(Entries taken from a collection)

****************************************

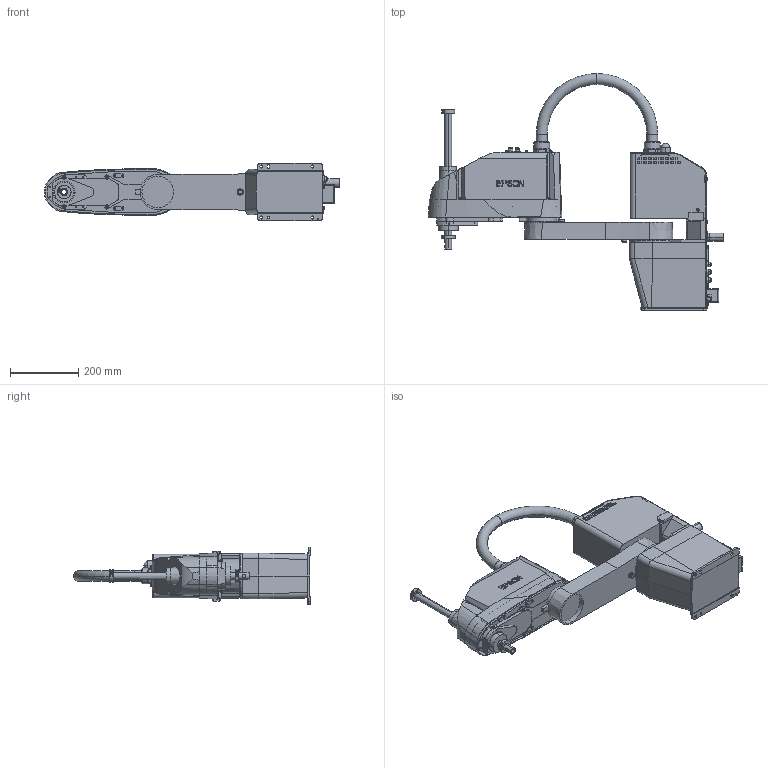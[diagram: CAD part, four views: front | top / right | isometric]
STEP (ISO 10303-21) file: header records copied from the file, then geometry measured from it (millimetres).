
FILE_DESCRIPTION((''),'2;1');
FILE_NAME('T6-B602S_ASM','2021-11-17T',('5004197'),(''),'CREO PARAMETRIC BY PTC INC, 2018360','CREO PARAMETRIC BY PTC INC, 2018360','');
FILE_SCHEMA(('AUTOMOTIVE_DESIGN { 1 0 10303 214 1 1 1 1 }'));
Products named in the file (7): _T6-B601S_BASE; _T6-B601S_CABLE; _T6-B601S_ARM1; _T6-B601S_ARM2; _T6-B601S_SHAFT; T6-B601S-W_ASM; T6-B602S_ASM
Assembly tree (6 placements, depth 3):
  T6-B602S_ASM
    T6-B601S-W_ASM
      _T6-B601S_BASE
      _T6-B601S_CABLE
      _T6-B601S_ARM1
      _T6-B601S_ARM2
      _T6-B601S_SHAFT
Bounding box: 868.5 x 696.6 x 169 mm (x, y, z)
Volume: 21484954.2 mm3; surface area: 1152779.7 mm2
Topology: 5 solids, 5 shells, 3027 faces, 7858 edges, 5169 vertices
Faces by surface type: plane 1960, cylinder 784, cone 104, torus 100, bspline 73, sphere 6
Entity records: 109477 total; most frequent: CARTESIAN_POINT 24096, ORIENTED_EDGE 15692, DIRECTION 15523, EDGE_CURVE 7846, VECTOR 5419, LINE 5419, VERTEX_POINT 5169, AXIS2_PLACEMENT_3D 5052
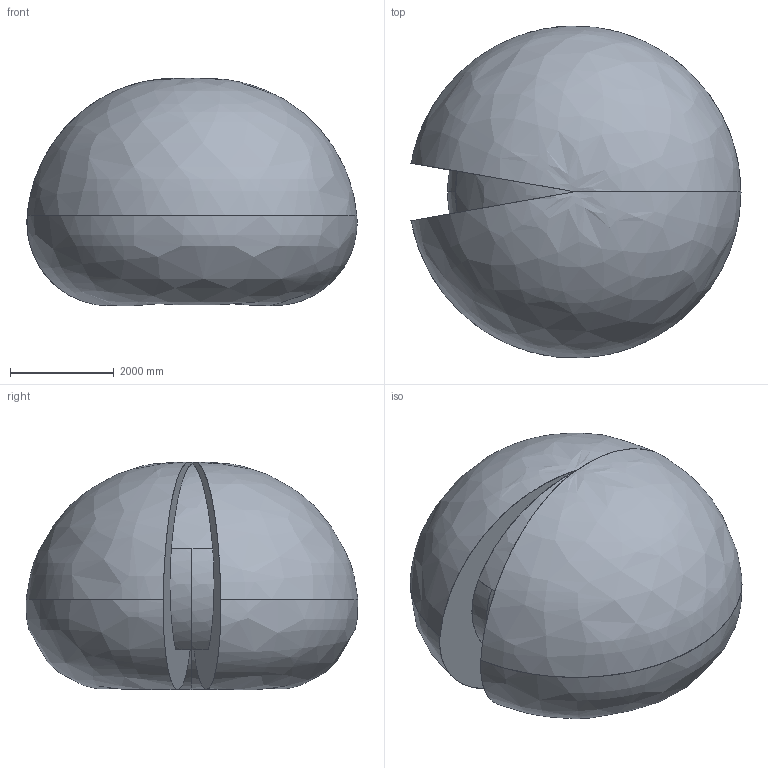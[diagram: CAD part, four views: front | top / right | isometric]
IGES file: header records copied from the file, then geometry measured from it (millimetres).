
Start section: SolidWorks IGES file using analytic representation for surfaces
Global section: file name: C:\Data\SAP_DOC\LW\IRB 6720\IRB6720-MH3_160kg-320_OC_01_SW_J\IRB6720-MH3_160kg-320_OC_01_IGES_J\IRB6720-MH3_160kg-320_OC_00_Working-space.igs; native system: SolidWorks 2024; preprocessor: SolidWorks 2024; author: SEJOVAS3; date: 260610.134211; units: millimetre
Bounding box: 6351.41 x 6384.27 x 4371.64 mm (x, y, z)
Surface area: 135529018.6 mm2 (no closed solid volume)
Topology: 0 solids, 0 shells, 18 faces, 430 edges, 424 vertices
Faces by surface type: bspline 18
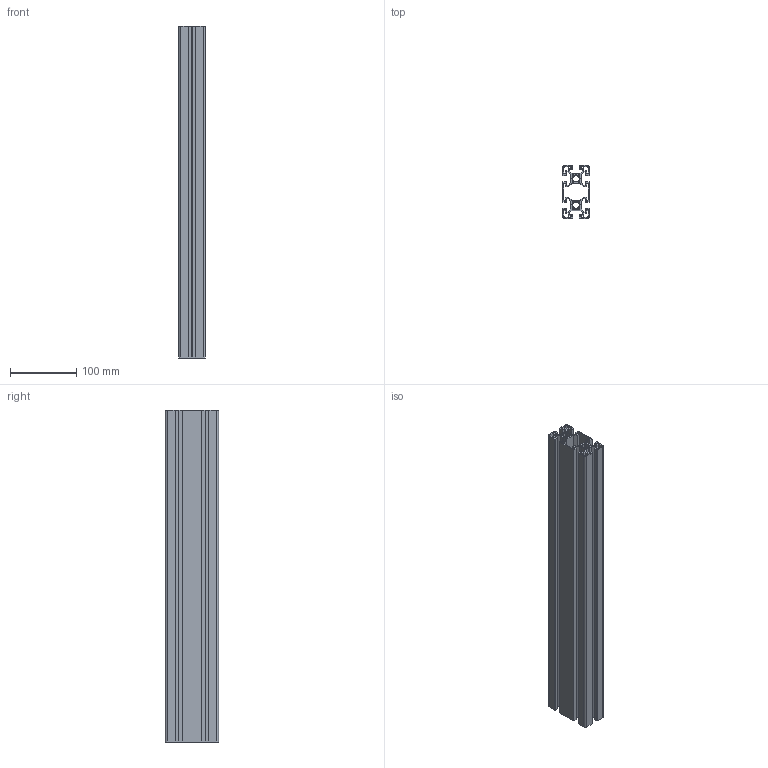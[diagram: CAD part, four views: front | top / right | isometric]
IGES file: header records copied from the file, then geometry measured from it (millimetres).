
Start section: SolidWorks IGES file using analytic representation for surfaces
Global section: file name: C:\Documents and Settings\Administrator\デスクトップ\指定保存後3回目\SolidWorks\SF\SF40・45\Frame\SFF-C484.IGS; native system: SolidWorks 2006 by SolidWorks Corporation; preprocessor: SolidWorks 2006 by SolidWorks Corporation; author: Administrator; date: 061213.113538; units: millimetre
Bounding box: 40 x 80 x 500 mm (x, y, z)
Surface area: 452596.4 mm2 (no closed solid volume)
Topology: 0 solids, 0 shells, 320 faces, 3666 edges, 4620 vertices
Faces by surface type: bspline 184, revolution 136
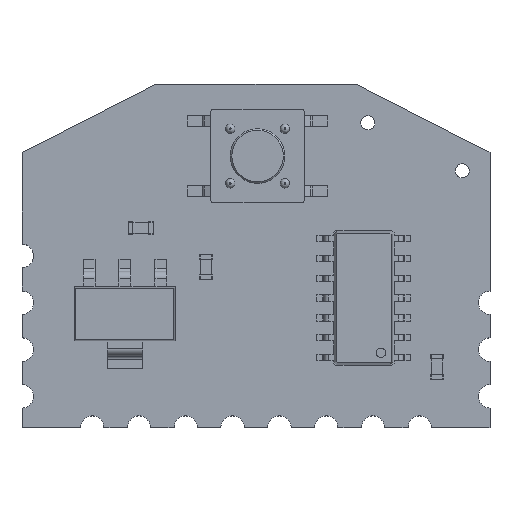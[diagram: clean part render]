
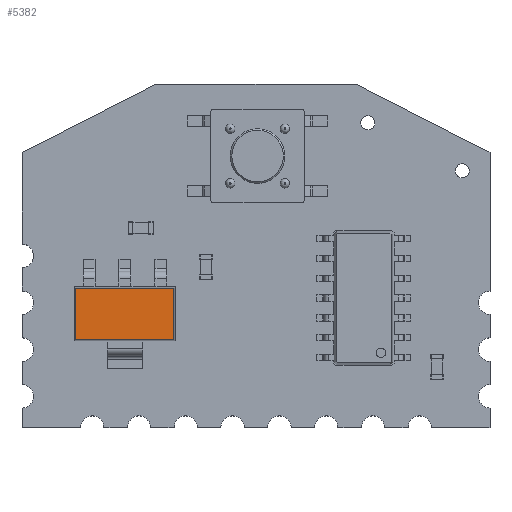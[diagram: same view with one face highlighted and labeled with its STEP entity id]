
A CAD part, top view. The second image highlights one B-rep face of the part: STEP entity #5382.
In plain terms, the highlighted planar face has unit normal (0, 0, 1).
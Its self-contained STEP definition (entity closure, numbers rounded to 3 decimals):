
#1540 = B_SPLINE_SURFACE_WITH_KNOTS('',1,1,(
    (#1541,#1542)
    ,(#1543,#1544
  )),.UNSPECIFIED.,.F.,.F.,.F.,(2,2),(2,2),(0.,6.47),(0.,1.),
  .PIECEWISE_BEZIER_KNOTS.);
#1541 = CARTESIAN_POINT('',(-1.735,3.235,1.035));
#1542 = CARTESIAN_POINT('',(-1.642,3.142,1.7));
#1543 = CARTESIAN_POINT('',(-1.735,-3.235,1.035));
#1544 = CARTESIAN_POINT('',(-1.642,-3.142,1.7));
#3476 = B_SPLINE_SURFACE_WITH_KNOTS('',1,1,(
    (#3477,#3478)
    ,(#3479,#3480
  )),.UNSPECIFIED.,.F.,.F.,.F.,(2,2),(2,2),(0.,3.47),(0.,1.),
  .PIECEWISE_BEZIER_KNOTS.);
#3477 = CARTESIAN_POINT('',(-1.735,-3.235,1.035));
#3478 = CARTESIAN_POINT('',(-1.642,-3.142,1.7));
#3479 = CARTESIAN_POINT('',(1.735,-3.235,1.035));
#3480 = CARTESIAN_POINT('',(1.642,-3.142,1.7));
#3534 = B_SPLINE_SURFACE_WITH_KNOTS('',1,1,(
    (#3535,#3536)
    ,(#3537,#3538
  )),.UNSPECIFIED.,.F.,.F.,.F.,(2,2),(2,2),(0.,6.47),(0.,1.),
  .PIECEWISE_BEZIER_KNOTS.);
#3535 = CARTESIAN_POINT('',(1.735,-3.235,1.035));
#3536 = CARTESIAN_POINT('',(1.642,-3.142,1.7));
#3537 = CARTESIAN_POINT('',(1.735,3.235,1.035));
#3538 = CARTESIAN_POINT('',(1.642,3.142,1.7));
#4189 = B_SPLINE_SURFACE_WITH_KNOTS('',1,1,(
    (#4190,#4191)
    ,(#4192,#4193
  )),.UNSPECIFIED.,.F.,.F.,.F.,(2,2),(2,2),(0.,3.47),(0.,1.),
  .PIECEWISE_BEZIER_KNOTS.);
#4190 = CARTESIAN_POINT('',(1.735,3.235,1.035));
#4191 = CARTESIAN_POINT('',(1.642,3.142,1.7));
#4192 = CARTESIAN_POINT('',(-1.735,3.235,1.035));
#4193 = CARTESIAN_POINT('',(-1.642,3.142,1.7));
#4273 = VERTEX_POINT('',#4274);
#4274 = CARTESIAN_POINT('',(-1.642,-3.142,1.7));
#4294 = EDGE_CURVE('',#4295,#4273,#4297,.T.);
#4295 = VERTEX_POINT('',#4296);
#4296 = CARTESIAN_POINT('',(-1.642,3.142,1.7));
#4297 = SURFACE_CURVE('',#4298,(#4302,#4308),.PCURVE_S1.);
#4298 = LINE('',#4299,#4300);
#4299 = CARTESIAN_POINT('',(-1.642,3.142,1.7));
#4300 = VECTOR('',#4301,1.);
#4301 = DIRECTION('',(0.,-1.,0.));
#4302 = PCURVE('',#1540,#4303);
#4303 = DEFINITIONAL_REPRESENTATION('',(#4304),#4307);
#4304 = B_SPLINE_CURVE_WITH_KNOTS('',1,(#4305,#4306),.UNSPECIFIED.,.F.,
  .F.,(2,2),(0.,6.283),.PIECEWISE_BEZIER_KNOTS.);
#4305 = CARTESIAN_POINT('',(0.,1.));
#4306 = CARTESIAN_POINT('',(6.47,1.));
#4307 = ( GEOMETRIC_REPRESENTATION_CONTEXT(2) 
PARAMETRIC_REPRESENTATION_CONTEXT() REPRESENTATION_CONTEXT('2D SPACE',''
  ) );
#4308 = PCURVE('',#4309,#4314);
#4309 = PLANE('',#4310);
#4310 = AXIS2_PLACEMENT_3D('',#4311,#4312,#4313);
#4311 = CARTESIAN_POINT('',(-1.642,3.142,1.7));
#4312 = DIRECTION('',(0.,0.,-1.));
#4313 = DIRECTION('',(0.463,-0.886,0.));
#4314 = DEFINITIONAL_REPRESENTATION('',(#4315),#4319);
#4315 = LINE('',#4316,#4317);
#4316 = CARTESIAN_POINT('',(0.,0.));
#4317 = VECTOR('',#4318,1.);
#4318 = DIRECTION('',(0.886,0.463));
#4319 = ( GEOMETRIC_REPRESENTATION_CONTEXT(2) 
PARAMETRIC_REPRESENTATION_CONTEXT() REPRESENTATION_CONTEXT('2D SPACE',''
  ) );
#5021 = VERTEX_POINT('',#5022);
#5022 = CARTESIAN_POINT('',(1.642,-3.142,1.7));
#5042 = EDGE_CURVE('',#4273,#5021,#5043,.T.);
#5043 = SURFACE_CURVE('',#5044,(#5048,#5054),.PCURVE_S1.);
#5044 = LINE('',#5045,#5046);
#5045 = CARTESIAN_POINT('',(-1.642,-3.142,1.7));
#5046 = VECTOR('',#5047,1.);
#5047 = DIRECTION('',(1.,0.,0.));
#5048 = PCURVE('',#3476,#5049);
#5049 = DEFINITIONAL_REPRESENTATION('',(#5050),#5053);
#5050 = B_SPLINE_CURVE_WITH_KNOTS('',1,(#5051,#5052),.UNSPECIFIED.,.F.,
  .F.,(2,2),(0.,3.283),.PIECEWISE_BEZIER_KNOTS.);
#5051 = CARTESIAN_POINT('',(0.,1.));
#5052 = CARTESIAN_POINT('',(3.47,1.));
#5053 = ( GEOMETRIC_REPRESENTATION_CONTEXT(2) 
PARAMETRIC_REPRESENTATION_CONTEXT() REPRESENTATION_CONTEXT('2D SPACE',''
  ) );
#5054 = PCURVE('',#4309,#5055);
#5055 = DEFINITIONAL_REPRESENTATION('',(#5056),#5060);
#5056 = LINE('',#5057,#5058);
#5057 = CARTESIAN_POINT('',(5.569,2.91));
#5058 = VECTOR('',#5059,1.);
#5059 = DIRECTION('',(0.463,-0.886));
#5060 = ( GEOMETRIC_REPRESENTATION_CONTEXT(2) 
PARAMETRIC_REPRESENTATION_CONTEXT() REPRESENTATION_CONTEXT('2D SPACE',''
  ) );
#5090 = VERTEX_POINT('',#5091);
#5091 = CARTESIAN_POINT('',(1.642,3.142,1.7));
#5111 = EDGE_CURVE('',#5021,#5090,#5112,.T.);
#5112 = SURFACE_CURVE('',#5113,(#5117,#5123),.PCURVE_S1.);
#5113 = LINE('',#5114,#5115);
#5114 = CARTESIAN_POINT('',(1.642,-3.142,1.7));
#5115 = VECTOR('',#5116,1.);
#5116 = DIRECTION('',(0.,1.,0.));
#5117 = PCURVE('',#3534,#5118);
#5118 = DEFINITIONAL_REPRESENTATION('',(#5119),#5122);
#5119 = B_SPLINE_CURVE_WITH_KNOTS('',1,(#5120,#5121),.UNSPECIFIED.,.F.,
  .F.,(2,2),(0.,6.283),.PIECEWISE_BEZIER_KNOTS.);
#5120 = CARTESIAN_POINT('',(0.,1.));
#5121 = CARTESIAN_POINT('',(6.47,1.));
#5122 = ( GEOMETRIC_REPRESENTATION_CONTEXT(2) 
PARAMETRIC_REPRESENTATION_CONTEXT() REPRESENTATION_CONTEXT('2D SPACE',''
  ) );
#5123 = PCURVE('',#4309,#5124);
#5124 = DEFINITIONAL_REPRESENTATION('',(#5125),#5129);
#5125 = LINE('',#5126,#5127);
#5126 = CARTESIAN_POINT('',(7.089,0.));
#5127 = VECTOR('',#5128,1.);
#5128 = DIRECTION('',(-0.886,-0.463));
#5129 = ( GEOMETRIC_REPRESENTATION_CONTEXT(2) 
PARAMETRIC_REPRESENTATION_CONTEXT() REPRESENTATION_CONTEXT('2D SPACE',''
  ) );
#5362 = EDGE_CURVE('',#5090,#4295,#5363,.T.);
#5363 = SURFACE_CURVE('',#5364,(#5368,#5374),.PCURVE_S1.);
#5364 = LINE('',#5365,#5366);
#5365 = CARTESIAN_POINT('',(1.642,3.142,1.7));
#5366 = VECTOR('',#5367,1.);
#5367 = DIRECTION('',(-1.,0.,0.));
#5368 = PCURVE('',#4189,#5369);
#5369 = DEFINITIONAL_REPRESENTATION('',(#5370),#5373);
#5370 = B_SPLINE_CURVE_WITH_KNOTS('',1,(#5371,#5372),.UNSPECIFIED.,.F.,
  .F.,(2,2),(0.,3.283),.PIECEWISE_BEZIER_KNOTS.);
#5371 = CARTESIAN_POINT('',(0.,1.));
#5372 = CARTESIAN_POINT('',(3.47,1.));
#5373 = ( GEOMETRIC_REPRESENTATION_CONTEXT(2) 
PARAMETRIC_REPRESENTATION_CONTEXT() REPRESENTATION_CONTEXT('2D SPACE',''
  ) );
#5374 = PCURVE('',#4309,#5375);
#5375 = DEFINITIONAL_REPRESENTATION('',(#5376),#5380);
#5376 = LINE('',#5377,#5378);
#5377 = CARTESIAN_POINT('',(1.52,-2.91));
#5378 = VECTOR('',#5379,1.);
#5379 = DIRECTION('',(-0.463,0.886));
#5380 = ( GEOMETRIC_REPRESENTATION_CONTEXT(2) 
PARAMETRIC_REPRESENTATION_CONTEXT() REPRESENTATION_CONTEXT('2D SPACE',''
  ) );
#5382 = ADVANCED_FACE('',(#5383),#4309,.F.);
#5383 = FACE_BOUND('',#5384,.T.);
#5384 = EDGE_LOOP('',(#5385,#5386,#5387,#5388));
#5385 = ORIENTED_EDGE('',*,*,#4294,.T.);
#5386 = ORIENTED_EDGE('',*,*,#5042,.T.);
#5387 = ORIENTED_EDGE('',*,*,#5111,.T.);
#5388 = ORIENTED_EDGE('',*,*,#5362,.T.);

****************************************

| Exercise details |
What are the lines from the one with "#5369 = DEFINITIONAL_REPRESENTATION('',(#5370),#5373);" through the end of the records above? Set them down exactly, both ends included, and nothing else.

| Output for this exercise |
#5369 = DEFINITIONAL_REPRESENTATION('',(#5370),#5373);
#5370 = B_SPLINE_CURVE_WITH_KNOTS('',1,(#5371,#5372),.UNSPECIFIED.,.F.,
  .F.,(2,2),(0.,3.283),.PIECEWISE_BEZIER_KNOTS.);
#5371 = CARTESIAN_POINT('',(0.,1.));
#5372 = CARTESIAN_POINT('',(3.47,1.));
#5373 = ( GEOMETRIC_REPRESENTATION_CONTEXT(2) 
PARAMETRIC_REPRESENTATION_CONTEXT() REPRESENTATION_CONTEXT('2D SPACE',''
  ) );
#5374 = PCURVE('',#4309,#5375);
#5375 = DEFINITIONAL_REPRESENTATION('',(#5376),#5380);
#5376 = LINE('',#5377,#5378);
#5377 = CARTESIAN_POINT('',(1.52,-2.91));
#5378 = VECTOR('',#5379,1.);
#5379 = DIRECTION('',(-0.463,0.886));
#5380 = ( GEOMETRIC_REPRESENTATION_CONTEXT(2) 
PARAMETRIC_REPRESENTATION_CONTEXT() REPRESENTATION_CONTEXT('2D SPACE',''
  ) );
#5382 = ADVANCED_FACE('',(#5383),#4309,.F.);
#5383 = FACE_BOUND('',#5384,.T.);
#5384 = EDGE_LOOP('',(#5385,#5386,#5387,#5388));
#5385 = ORIENTED_EDGE('',*,*,#4294,.T.);
#5386 = ORIENTED_EDGE('',*,*,#5042,.T.);
#5387 = ORIENTED_EDGE('',*,*,#5111,.T.);
#5388 = ORIENTED_EDGE('',*,*,#5362,.T.);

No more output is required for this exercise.